Seeking to clear the last hurdle with Washington state regulators, Puget Sound Energy (PSE) on Tuesday touted 10-year benefits of $100 million to its utility customers from a proposed merger with a private consortium led by Macquarie Capital Group and including Australian and Canadian investors.

PSE made the claim in a filing with the Washington Utilities and Transportation Commission (WUTC) in its ongoing case reviewing the proposed $7.4 billion deal to take the Bellevue, WA-based utility private. The utility and its proposed new backers said they made the filing to “correct inaccuracies” that might have been created by some of the intervenors in the case, along with further outlining what they see as the immediate customer benefits of the merger, which include substantial infrastructure investment. The WUTC is expected to make a decision by September.

“Customer benefits include tangible rate credits and meaningful service improvements, capital infusions to strengthen the utility, and if required, limitations on distributions of earnings,” they told the WUTC. “The filings also include additional commitments to continue PSE’s aggressive approach to renewable energy and to PSE’s green power and energy efficiency programs. PSE also agrees to set a goal to be carbon neutral by 2050.”

The filing makes the commitment to take “significant steps above and beyond the ‘no-harm’ standard for merger approval,” resulting in $100 million in rate credits and reduced costs ($10 million annually over a 10-year period). The emphasis is on the fact that PSE’s same management will continue to run the utility, but post-merger that management will have what the consortium called “new, reliable and patient capital.”

The buyout consortium being led by a North American unit of Australian-based Macquarie Bank Ltd. has assured federal and state regulators that it will provide the estimated $5 billion in capital investment PSE needs over the next five years to upgrade its electric and natural gas infrastructure that serves more than 1 million electricity and 800,000 natural gas customers. Those and other assurances were made in written testimony filed with the WUTC Wednesday.

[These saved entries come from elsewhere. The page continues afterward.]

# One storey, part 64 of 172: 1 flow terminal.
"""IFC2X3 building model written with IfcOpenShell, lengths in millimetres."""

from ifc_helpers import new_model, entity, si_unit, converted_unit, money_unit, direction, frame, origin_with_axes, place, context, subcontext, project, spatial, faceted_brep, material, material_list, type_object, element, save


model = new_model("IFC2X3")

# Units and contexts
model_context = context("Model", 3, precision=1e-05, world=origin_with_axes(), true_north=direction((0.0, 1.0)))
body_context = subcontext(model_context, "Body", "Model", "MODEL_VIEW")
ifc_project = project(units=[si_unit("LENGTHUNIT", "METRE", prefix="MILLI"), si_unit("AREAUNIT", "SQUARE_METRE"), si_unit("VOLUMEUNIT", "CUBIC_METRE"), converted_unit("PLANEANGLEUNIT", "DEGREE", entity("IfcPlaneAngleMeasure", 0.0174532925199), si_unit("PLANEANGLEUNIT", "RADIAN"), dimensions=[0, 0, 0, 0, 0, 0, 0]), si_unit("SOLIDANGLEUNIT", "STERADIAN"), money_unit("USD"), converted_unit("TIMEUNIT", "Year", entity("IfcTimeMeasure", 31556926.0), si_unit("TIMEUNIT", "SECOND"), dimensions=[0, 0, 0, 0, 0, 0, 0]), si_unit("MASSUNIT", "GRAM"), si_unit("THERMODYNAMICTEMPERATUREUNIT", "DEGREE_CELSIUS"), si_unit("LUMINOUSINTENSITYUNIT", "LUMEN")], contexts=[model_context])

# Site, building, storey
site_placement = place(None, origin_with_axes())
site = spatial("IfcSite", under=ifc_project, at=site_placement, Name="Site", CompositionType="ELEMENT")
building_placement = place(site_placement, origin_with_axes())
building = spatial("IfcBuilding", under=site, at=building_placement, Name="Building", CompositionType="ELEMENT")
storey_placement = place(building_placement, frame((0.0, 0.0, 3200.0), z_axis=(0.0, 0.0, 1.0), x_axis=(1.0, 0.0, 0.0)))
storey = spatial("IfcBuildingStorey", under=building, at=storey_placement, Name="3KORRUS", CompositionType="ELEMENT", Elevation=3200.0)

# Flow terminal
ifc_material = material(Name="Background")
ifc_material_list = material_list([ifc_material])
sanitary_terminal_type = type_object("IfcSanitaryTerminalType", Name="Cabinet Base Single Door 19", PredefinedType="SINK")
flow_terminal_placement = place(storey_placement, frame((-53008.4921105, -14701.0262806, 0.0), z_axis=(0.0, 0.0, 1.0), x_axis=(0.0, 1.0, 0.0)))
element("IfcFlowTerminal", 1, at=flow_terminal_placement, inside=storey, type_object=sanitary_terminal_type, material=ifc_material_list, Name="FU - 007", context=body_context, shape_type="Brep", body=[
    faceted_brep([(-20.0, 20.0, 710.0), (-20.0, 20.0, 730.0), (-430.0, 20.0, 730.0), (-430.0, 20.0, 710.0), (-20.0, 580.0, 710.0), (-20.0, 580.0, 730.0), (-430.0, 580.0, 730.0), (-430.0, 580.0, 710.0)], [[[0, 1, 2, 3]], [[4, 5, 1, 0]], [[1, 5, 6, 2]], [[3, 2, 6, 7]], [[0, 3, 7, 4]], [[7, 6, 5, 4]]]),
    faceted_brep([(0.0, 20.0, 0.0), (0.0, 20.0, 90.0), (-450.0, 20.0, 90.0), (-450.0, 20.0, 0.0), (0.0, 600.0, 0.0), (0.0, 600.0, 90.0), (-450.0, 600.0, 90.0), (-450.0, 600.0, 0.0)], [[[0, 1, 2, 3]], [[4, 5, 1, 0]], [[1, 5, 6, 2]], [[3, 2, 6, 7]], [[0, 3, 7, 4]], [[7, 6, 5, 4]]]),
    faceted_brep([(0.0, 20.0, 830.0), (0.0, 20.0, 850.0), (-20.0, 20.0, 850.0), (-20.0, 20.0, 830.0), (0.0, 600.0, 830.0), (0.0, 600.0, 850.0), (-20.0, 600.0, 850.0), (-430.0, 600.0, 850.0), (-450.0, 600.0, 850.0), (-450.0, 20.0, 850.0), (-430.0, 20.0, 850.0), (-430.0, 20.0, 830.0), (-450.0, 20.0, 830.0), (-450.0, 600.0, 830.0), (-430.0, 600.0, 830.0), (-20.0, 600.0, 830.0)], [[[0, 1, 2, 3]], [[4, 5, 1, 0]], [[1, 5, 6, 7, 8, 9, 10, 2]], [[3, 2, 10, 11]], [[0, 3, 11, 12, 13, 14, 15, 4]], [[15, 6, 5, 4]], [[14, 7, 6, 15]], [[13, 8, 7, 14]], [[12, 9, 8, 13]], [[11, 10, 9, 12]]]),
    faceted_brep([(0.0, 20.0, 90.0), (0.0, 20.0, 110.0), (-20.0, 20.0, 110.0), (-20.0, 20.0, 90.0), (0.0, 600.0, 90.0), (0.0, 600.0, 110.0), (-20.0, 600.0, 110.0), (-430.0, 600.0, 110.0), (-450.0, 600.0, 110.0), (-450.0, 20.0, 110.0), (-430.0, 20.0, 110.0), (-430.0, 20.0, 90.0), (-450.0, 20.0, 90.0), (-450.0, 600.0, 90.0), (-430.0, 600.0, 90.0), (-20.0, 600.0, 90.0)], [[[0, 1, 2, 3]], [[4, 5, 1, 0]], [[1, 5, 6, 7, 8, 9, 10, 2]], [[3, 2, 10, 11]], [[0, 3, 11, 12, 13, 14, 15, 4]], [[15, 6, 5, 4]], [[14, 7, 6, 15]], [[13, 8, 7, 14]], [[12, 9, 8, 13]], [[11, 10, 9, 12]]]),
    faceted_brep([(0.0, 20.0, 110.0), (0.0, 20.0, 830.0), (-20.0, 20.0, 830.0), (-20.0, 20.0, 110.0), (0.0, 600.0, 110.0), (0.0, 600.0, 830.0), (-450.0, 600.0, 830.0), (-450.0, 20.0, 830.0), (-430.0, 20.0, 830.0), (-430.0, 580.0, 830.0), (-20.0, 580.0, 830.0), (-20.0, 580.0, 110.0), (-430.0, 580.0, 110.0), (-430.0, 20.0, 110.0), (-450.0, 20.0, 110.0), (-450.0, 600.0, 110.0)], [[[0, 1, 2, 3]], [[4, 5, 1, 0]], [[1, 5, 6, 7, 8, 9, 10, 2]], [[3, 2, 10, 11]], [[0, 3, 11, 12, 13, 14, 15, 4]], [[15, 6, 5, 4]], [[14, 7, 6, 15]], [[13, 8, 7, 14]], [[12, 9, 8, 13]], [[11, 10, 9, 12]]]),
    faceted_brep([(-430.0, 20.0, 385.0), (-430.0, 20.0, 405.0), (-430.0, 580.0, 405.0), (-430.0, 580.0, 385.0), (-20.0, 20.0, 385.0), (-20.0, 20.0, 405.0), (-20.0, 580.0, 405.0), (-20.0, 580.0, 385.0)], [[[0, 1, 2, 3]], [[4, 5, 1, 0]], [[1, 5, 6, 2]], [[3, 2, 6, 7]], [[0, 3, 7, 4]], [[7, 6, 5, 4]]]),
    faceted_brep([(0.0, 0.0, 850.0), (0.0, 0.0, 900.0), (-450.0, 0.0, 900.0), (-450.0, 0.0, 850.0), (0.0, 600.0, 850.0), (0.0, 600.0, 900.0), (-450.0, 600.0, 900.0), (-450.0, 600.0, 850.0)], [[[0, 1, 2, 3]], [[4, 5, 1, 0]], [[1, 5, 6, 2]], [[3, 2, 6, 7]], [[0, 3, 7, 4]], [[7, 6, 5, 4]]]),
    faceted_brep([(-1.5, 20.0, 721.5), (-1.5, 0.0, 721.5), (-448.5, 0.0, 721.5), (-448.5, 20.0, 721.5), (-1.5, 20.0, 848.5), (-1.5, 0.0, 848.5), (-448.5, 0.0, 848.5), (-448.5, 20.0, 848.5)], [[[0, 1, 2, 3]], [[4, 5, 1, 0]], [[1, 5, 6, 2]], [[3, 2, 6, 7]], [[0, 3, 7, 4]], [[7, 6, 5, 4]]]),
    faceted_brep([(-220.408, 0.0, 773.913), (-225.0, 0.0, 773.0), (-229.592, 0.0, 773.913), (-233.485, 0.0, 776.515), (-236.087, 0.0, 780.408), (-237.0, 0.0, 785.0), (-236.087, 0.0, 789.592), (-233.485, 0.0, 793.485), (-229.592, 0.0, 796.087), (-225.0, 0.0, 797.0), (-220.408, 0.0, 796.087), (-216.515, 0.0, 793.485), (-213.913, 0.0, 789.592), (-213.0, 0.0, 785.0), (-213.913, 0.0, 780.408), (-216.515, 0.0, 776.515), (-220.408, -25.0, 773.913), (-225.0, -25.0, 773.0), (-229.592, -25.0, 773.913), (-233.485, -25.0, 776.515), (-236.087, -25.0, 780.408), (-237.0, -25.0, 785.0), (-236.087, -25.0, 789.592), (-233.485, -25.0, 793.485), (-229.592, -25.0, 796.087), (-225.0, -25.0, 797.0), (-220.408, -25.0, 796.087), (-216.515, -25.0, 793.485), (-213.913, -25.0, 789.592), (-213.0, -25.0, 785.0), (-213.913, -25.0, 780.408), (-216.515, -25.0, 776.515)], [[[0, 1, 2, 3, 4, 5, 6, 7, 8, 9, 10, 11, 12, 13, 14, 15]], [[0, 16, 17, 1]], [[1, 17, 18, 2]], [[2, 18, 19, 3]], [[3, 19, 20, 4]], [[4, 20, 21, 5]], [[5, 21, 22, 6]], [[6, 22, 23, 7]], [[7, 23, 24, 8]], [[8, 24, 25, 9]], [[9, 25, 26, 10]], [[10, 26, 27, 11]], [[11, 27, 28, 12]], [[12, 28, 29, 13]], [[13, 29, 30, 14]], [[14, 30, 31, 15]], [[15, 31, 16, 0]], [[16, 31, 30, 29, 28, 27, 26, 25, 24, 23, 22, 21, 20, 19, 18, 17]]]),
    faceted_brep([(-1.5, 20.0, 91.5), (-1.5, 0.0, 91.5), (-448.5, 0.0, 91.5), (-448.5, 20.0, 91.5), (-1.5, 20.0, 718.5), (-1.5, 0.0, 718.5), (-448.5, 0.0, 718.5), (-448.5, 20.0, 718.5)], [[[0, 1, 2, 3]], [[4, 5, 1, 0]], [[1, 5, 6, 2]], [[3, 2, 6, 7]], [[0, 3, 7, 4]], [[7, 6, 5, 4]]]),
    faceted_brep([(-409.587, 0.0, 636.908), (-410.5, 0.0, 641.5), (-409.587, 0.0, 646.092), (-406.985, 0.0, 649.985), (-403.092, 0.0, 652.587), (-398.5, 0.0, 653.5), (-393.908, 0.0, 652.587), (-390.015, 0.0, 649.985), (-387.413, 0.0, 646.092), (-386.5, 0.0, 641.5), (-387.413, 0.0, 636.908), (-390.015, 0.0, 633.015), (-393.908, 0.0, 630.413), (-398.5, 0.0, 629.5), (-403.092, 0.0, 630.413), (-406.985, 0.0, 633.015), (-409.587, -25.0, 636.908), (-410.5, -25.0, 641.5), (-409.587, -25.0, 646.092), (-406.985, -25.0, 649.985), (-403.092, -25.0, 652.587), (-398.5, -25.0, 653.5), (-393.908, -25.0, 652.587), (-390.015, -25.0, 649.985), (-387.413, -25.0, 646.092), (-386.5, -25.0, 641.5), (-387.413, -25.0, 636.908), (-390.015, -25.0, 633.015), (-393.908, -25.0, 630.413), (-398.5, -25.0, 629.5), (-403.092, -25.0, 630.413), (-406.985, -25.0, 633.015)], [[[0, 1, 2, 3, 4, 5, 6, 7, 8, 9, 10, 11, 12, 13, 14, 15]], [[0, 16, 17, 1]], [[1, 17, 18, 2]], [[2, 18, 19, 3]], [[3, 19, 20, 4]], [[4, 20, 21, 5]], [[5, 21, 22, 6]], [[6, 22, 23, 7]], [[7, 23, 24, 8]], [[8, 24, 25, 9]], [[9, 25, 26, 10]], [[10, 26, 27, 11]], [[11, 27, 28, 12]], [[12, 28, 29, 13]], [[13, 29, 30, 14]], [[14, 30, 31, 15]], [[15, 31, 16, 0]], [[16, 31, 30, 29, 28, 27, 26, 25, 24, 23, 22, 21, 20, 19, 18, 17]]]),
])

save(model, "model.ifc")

PSE CEO Stephen Reynolds called the Macquarie-led consortium, which includes a Canadian public pension fund, “a group of patient investors who have listened and taken seriously the issues raised by interested parties.”

The Federal Energy Regulatory Commission (FERC) last April gave conditioned approval to the deal, bowing to the conditions of the WUTC, unless on further examination it finds they are “inadequate.” In that regard, FERC reserves the right to impose other conditions after state regulators have acted. The commissioners made clear they were interested in ring-fencing provisions that would protect the utility finances from other activities of the investment group (see Daily GPI, April 18).

“The investors are willing to go the extra mile to demonstrate their long-term commitment to our customers and make sure our local management team and employees succeed in improving customer service,” said Reynolds, adding that they are sensitive to rate, infrastructure and energy supply needs facing the utility.

In June PSE, the utility of Puget Energy, announced that it would retain key local board members and utility management following the merger (see Daily GPI, June 16).

Reynolds will remain as PSE president and CEO, serving on both the utility and holding company boards, which will continue to be chaired by William Ayer, CEO of Alaska Air Group, who has served on the Puget boards since January 2005.

The investor consortium is led by Macquarie Infrastructure Partners, the Canada Pension Plan Investment Board and British Columbia Investment Management Corp., along with Alberta Investment Management Corp., Macquarie-FSS Infrastructure Trust and Macquarie Capital Group Ltd.